Stored items
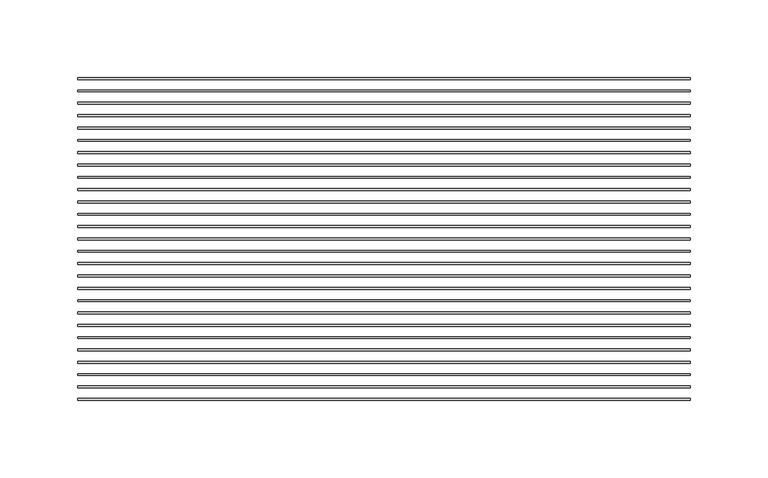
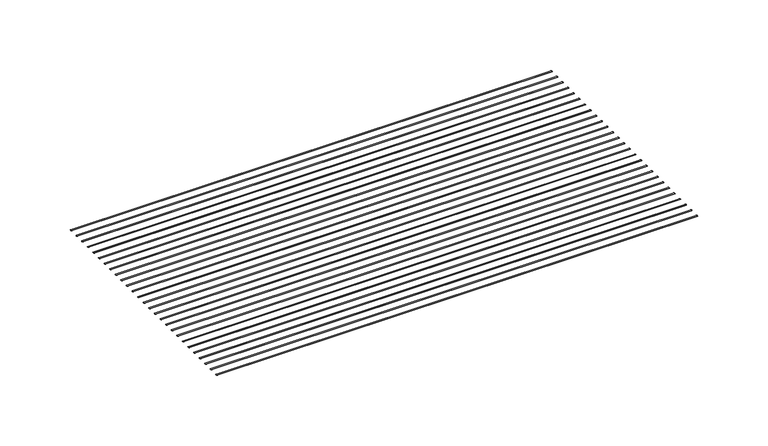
"""IFC4 building model written with IfcOpenShell, lengths in millimetres: proxy geometry, CRAi Generic Model Mesh Piece Face Based : CRAi Generic Model Mesh Piece Face Based."""

from ifc_helpers import new_model, si_unit, point, frame, origin, place, context, project, spatial, ellipse_curve, trimmed, source, transform, mapped, element, save
from ifc_brep_helpers import plane_surface, extruded_surface, advanced_brep


def generic_models_4c4c8c8b(model_context):
    return source(origin(), model_context, "Body", "AdvancedBrep", [
        advanced_brep(
        [(-196.85, -126.8644515, -2.9765625), (-196.85, -125.6738265, -2.9765625), (196.85, -126.8644515, -2.9765625), (196.85, -125.6738265, -2.9765625)],
        [
            (0, 1, ellipse_curve(frame((-196.85, -126.269139, -2.9765625), z_axis=(-1.0, 0.0, 0.0), x_axis=(0.0, 1.0, 0.0)), 0.5953125, 0.1984375)),
            (1, 0, ellipse_curve(frame((-196.85, -126.269139, -2.9765625), z_axis=(-1.0, 0.0, 0.0), x_axis=(0.0, 1.0, 0.0)), 0.5953125, 0.1984375)),
            (2, 3, ellipse_curve(frame((196.85, -126.269139, -2.9765625), z_axis=(1.0, 0.0, 0.0), x_axis=(0.0, 1.0, 0.0)), 0.5953125, 0.1984375)),
            (3, 2, ellipse_curve(frame((196.85, -126.269139, -2.9765625), z_axis=(1.0, 0.0, 0.0), x_axis=(0.0, 1.0, 0.0)), 0.5953125, 0.1984375)),
            (1, 3),
            (2, 0),
        ],
        [
            plane_surface(frame((-196.85, -126.269139, -2.9765625), z_axis=(-1.0, 0.0, 0.0), x_axis=(0.0, 0.0, 1.0))),
            plane_surface(frame((196.85, -126.269139, -2.9765625), z_axis=(1.0, 0.0, 0.0), x_axis=(0.0, 0.0, 1.0))),
            extruded_surface(trimmed(ellipse_curve(frame((-196.85, -126.269139, -2.9765625), z_axis=(1.0, 0.0, 0.0), x_axis=(0.0, 1.0, 0.0)), 0.5953125, 0.1984375), [point((-196.85, -126.8644515, -2.9765625))], [point((-196.85, -125.6738265, -2.9765625))], True, "CARTESIAN"), (393.7, 0.0, 0.0), 393.7),
            extruded_surface(trimmed(ellipse_curve(frame((-196.85, -126.269139, -2.9765625), z_axis=(1.0, 0.0, 0.0), x_axis=(0.0, 1.0, 0.0)), 0.5953125, 0.1984375), [point((-196.85, -125.6738265, -2.9765625))], [point((-196.85, -126.8644515, -2.9765625))], True, "CARTESIAN"), (393.7, 0.0, 0.0), 393.7),
        ],
        [
            (0, [[1, 2]]),
            (1, [[3, 4]]),
            (2, [[5, -3, 6, -2]]),
            (3, [[-6, -4, -5, -1]]),
        ],
    ),
        advanced_brep(
        [(-196.85, -118.9269515, -2.9765625), (-196.85, -117.7363265, -2.9765625), (196.85, -118.9269515, -2.9765625), (196.85, -117.7363265, -2.9765625)],
        [
            (0, 1, ellipse_curve(frame((-196.85, -118.331639, -2.9765625), z_axis=(-1.0, 0.0, 0.0), x_axis=(0.0, 1.0, 0.0)), 0.5953125, 0.1984375)),
            (1, 0, ellipse_curve(frame((-196.85, -118.331639, -2.9765625), z_axis=(-1.0, 0.0, 0.0), x_axis=(0.0, 1.0, 0.0)), 0.5953125, 0.1984375)),
            (2, 3, ellipse_curve(frame((196.85, -118.331639, -2.9765625), z_axis=(1.0, 0.0, 0.0), x_axis=(0.0, 1.0, 0.0)), 0.5953125, 0.1984375)),
            (3, 2, ellipse_curve(frame((196.85, -118.331639, -2.9765625), z_axis=(1.0, 0.0, 0.0), x_axis=(0.0, 1.0, 0.0)), 0.5953125, 0.1984375)),
            (1, 3),
            (2, 0),
        ],
        [
            plane_surface(frame((-196.85, -118.331639, -2.9765625), z_axis=(-1.0, 0.0, 0.0), x_axis=(0.0, 0.0, 1.0))),
            plane_surface(frame((196.85, -118.331639, -2.9765625), z_axis=(1.0, 0.0, 0.0), x_axis=(0.0, 0.0, 1.0))),
            extruded_surface(trimmed(ellipse_curve(frame((-196.85, -118.331639, -2.9765625), z_axis=(1.0, 0.0, 0.0), x_axis=(0.0, 1.0, 0.0)), 0.5953125, 0.1984375), [point((-196.85, -118.9269515, -2.9765625))], [point((-196.85, -117.7363265, -2.9765625))], True, "CARTESIAN"), (393.7, 0.0, 0.0), 393.7),
            extruded_surface(trimmed(ellipse_curve(frame((-196.85, -118.331639, -2.9765625), z_axis=(1.0, 0.0, 0.0), x_axis=(0.0, 1.0, 0.0)), 0.5953125, 0.1984375), [point((-196.85, -117.7363265, -2.9765625))], [point((-196.85, -118.9269515, -2.9765625))], True, "CARTESIAN"), (393.7, 0.0, 0.0), 393.7),
        ],
        [
            (0, [[1, 2]]),
            (1, [[3, 4]]),
            (2, [[5, -3, 6, -2]]),
            (3, [[-6, -4, -5, -1]]),
        ],
    ),
        advanced_brep(
        [(-196.85, -110.9894515, -2.9765625), (-196.85, -109.7988265, -2.9765625), (196.85, -110.9894515, -2.9765625), (196.85, -109.7988265, -2.9765625)],
        [
            (0, 1, ellipse_curve(frame((-196.85, -110.394139, -2.9765625), z_axis=(-1.0, 0.0, 0.0), x_axis=(0.0, 1.0, 0.0)), 0.5953125, 0.1984375)),
            (1, 0, ellipse_curve(frame((-196.85, -110.394139, -2.9765625), z_axis=(-1.0, 0.0, 0.0), x_axis=(0.0, 1.0, 0.0)), 0.5953125, 0.1984375)),
            (2, 3, ellipse_curve(frame((196.85, -110.394139, -2.9765625), z_axis=(1.0, 0.0, 0.0), x_axis=(0.0, 1.0, 0.0)), 0.5953125, 0.1984375)),
            (3, 2, ellipse_curve(frame((196.85, -110.394139, -2.9765625), z_axis=(1.0, 0.0, 0.0), x_axis=(0.0, 1.0, 0.0)), 0.5953125, 0.1984375)),
            (1, 3),
            (2, 0),
        ],
        [
            plane_surface(frame((-196.85, -110.394139, -2.9765625), z_axis=(-1.0, 0.0, 0.0), x_axis=(0.0, 0.0, 1.0))),
            plane_surface(frame((196.85, -110.394139, -2.9765625), z_axis=(1.0, 0.0, 0.0), x_axis=(0.0, 0.0, 1.0))),
            extruded_surface(trimmed(ellipse_curve(frame((-196.85, -110.394139, -2.9765625), z_axis=(1.0, 0.0, 0.0), x_axis=(0.0, 1.0, 0.0)), 0.5953125, 0.1984375), [point((-196.85, -110.9894515, -2.9765625))], [point((-196.85, -109.7988265, -2.9765625))], True, "CARTESIAN"), (393.7, 0.0, 0.0), 393.7),
            extruded_surface(trimmed(ellipse_curve(frame((-196.85, -110.394139, -2.9765625), z_axis=(1.0, 0.0, 0.0), x_axis=(0.0, 1.0, 0.0)), 0.5953125, 0.1984375), [point((-196.85, -109.7988265, -2.9765625))], [point((-196.85, -110.9894515, -2.9765625))], True, "CARTESIAN"), (393.7, 0.0, 0.0), 393.7),
        ],
        [
            (0, [[1, 2]]),
            (1, [[3, 4]]),
            (2, [[5, -3, 6, -2]]),
            (3, [[-6, -4, -5, -1]]),
        ],
    ),
        advanced_brep(
        [(-196.85, -103.0519515, -2.9765625), (-196.85, -101.8613265, -2.9765625), (196.85, -103.0519515, -2.9765625), (196.85, -101.8613265, -2.9765625)],
        [
            (0, 1, ellipse_curve(frame((-196.85, -102.456639, -2.9765625), z_axis=(-1.0, 0.0, 0.0), x_axis=(0.0, 1.0, 0.0)), 0.5953125, 0.1984375)),
            (1, 0, ellipse_curve(frame((-196.85, -102.456639, -2.9765625), z_axis=(-1.0, 0.0, 0.0), x_axis=(0.0, 1.0, 0.0)), 0.5953125, 0.1984375)),
            (2, 3, ellipse_curve(frame((196.85, -102.456639, -2.9765625), z_axis=(1.0, 0.0, 0.0), x_axis=(0.0, 1.0, 0.0)), 0.5953125, 0.1984375)),
            (3, 2, ellipse_curve(frame((196.85, -102.456639, -2.9765625), z_axis=(1.0, 0.0, 0.0), x_axis=(0.0, 1.0, 0.0)), 0.5953125, 0.1984375)),
            (1, 3),
            (2, 0),
        ],
        [
            plane_surface(frame((-196.85, -102.456639, -2.9765625), z_axis=(-1.0, 0.0, 0.0), x_axis=(0.0, 0.0, 1.0))),
            plane_surface(frame((196.85, -102.456639, -2.9765625), z_axis=(1.0, 0.0, 0.0), x_axis=(0.0, 0.0, 1.0))),
            extruded_surface(trimmed(ellipse_curve(frame((-196.85, -102.456639, -2.9765625), z_axis=(1.0, 0.0, 0.0), x_axis=(0.0, 1.0, 0.0)), 0.5953125, 0.1984375), [point((-196.85, -103.0519515, -2.9765625))], [point((-196.85, -101.8613265, -2.9765625))], True, "CARTESIAN"), (393.7, 0.0, 0.0), 393.7),
            extruded_surface(trimmed(ellipse_curve(frame((-196.85, -102.456639, -2.9765625), z_axis=(1.0, 0.0, 0.0), x_axis=(0.0, 1.0, 0.0)), 0.5953125, 0.1984375), [point((-196.85, -101.8613265, -2.9765625))], [point((-196.85, -103.0519515, -2.9765625))], True, "CARTESIAN"), (393.7, 0.0, 0.0), 393.7),
        ],
        [
            (0, [[1, 2]]),
            (1, [[3, 4]]),
            (2, [[5, -3, 6, -2]]),
            (3, [[-6, -4, -5, -1]]),
        ],
    ),
        advanced_brep(
        [(-196.85, -95.1144515, -2.9765625), (-196.85, -93.9238265, -2.9765625), (196.85, -95.1144515, -2.9765625), (196.85, -93.9238265, -2.9765625)],
        [
            (0, 1, ellipse_curve(frame((-196.85, -94.519139, -2.9765625), z_axis=(-1.0, 0.0, 0.0), x_axis=(0.0, 1.0, 0.0)), 0.5953125, 0.1984375)),
            (1, 0, ellipse_curve(frame((-196.85, -94.519139, -2.9765625), z_axis=(-1.0, 0.0, 0.0), x_axis=(0.0, 1.0, 0.0)), 0.5953125, 0.1984375)),
            (2, 3, ellipse_curve(frame((196.85, -94.519139, -2.9765625), z_axis=(1.0, 0.0, 0.0), x_axis=(0.0, 1.0, 0.0)), 0.5953125, 0.1984375)),
            (3, 2, ellipse_curve(frame((196.85, -94.519139, -2.9765625), z_axis=(1.0, 0.0, 0.0), x_axis=(0.0, 1.0, 0.0)), 0.5953125, 0.1984375)),
            (1, 3),
            (2, 0),
        ],
        [
            plane_surface(frame((-196.85, -94.519139, -2.9765625), z_axis=(-1.0, 0.0, 0.0), x_axis=(0.0, 0.0, 1.0))),
            plane_surface(frame((196.85, -94.519139, -2.9765625), z_axis=(1.0, 0.0, 0.0), x_axis=(0.0, 0.0, 1.0))),
            extruded_surface(trimmed(ellipse_curve(frame((-196.85, -94.519139, -2.9765625), z_axis=(1.0, 0.0, 0.0), x_axis=(0.0, 1.0, 0.0)), 0.5953125, 0.1984375), [point((-196.85, -95.1144515, -2.9765625))], [point((-196.85, -93.9238265, -2.9765625))], True, "CARTESIAN"), (393.7, 0.0, 0.0), 393.7),
            extruded_surface(trimmed(ellipse_curve(frame((-196.85, -94.519139, -2.9765625), z_axis=(1.0, 0.0, 0.0), x_axis=(0.0, 1.0, 0.0)), 0.5953125, 0.1984375), [point((-196.85, -93.9238265, -2.9765625))], [point((-196.85, -95.1144515, -2.9765625))], True, "CARTESIAN"), (393.7, 0.0, 0.0), 393.7),
        ],
        [
            (0, [[1, 2]]),
            (1, [[3, 4]]),
            (2, [[5, -3, 6, -2]]),
            (3, [[-6, -4, -5, -1]]),
        ],
    ),
        advanced_brep(
        [(-196.85, -87.1769515, -2.9765625), (-196.85, -85.9863265, -2.9765625), (196.85, -87.1769515, -2.9765625), (196.85, -85.9863265, -2.9765625)],
        [
            (0, 1, ellipse_curve(frame((-196.85, -86.581639, -2.9765625), z_axis=(-1.0, 0.0, 0.0), x_axis=(0.0, 1.0, 0.0)), 0.5953125, 0.1984375)),
            (1, 0, ellipse_curve(frame((-196.85, -86.581639, -2.9765625), z_axis=(-1.0, 0.0, 0.0), x_axis=(0.0, 1.0, 0.0)), 0.5953125, 0.1984375)),
            (2, 3, ellipse_curve(frame((196.85, -86.581639, -2.9765625), z_axis=(1.0, 0.0, 0.0), x_axis=(0.0, 1.0, 0.0)), 0.5953125, 0.1984375)),
            (3, 2, ellipse_curve(frame((196.85, -86.581639, -2.9765625), z_axis=(1.0, 0.0, 0.0), x_axis=(0.0, 1.0, 0.0)), 0.5953125, 0.1984375)),
            (1, 3),
            (2, 0),
        ],
        [
            plane_surface(frame((-196.85, -86.581639, -2.9765625), z_axis=(-1.0, 0.0, 0.0), x_axis=(0.0, 0.0, 1.0))),
            plane_surface(frame((196.85, -86.581639, -2.9765625), z_axis=(1.0, 0.0, 0.0), x_axis=(0.0, 0.0, 1.0))),
            extruded_surface(trimmed(ellipse_curve(frame((-196.85, -86.581639, -2.9765625), z_axis=(1.0, 0.0, 0.0), x_axis=(0.0, 1.0, 0.0)), 0.5953125, 0.1984375), [point((-196.85, -87.1769515, -2.9765625))], [point((-196.85, -85.9863265, -2.9765625))], True, "CARTESIAN"), (393.7, 0.0, 0.0), 393.7),
            extruded_surface(trimmed(ellipse_curve(frame((-196.85, -86.581639, -2.9765625), z_axis=(1.0, 0.0, 0.0), x_axis=(0.0, 1.0, 0.0)), 0.5953125, 0.1984375), [point((-196.85, -85.9863265, -2.9765625))], [point((-196.85, -87.1769515, -2.9765625))], True, "CARTESIAN"), (393.7, 0.0, 0.0), 393.7),
        ],
        [
            (0, [[1, 2]]),
            (1, [[3, 4]]),
            (2, [[5, -3, 6, -2]]),
            (3, [[-6, -4, -5, -1]]),
        ],
    ),
        advanced_brep(
        [(-196.85, -79.2394515, -2.9765625), (-196.85, -78.0488265, -2.9765625), (196.85, -79.2394515, -2.9765625), (196.85, -78.0488265, -2.9765625)],
        [
            (0, 1, ellipse_curve(frame((-196.85, -78.644139, -2.9765625), z_axis=(-1.0, 0.0, 0.0), x_axis=(0.0, 1.0, 0.0)), 0.5953125, 0.1984375)),
            (1, 0, ellipse_curve(frame((-196.85, -78.644139, -2.9765625), z_axis=(-1.0, 0.0, 0.0), x_axis=(0.0, 1.0, 0.0)), 0.5953125, 0.1984375)),
            (2, 3, ellipse_curve(frame((196.85, -78.644139, -2.9765625), z_axis=(1.0, 0.0, 0.0), x_axis=(0.0, 1.0, 0.0)), 0.5953125, 0.1984375)),
            (3, 2, ellipse_curve(frame((196.85, -78.644139, -2.9765625), z_axis=(1.0, 0.0, 0.0), x_axis=(0.0, 1.0, 0.0)), 0.5953125, 0.1984375)),
            (1, 3),
            (2, 0),
        ],
        [
            plane_surface(frame((-196.85, -78.644139, -2.9765625), z_axis=(-1.0, 0.0, 0.0), x_axis=(0.0, 0.0, 1.0))),
            plane_surface(frame((196.85, -78.644139, -2.9765625), z_axis=(1.0, 0.0, 0.0), x_axis=(0.0, 0.0, 1.0))),
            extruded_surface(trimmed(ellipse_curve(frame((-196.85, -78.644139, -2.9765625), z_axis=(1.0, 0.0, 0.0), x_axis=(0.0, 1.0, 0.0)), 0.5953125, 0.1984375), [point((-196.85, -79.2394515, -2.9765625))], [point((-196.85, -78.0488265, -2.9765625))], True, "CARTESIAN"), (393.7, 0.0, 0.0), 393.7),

**WHAT IS BEING ASKED**
Where does the string "source" appear in the records above? Show every line that holds it.

**RESULT FOR THIS TASK**
from ifc_helpers import new_model, si_unit, point, frame, origin, place, context, project, spatial, ellipse_curve, trimmed, source, transform, mapped, element, save
    return source(origin(), model_context, "Body", "AdvancedBrep", [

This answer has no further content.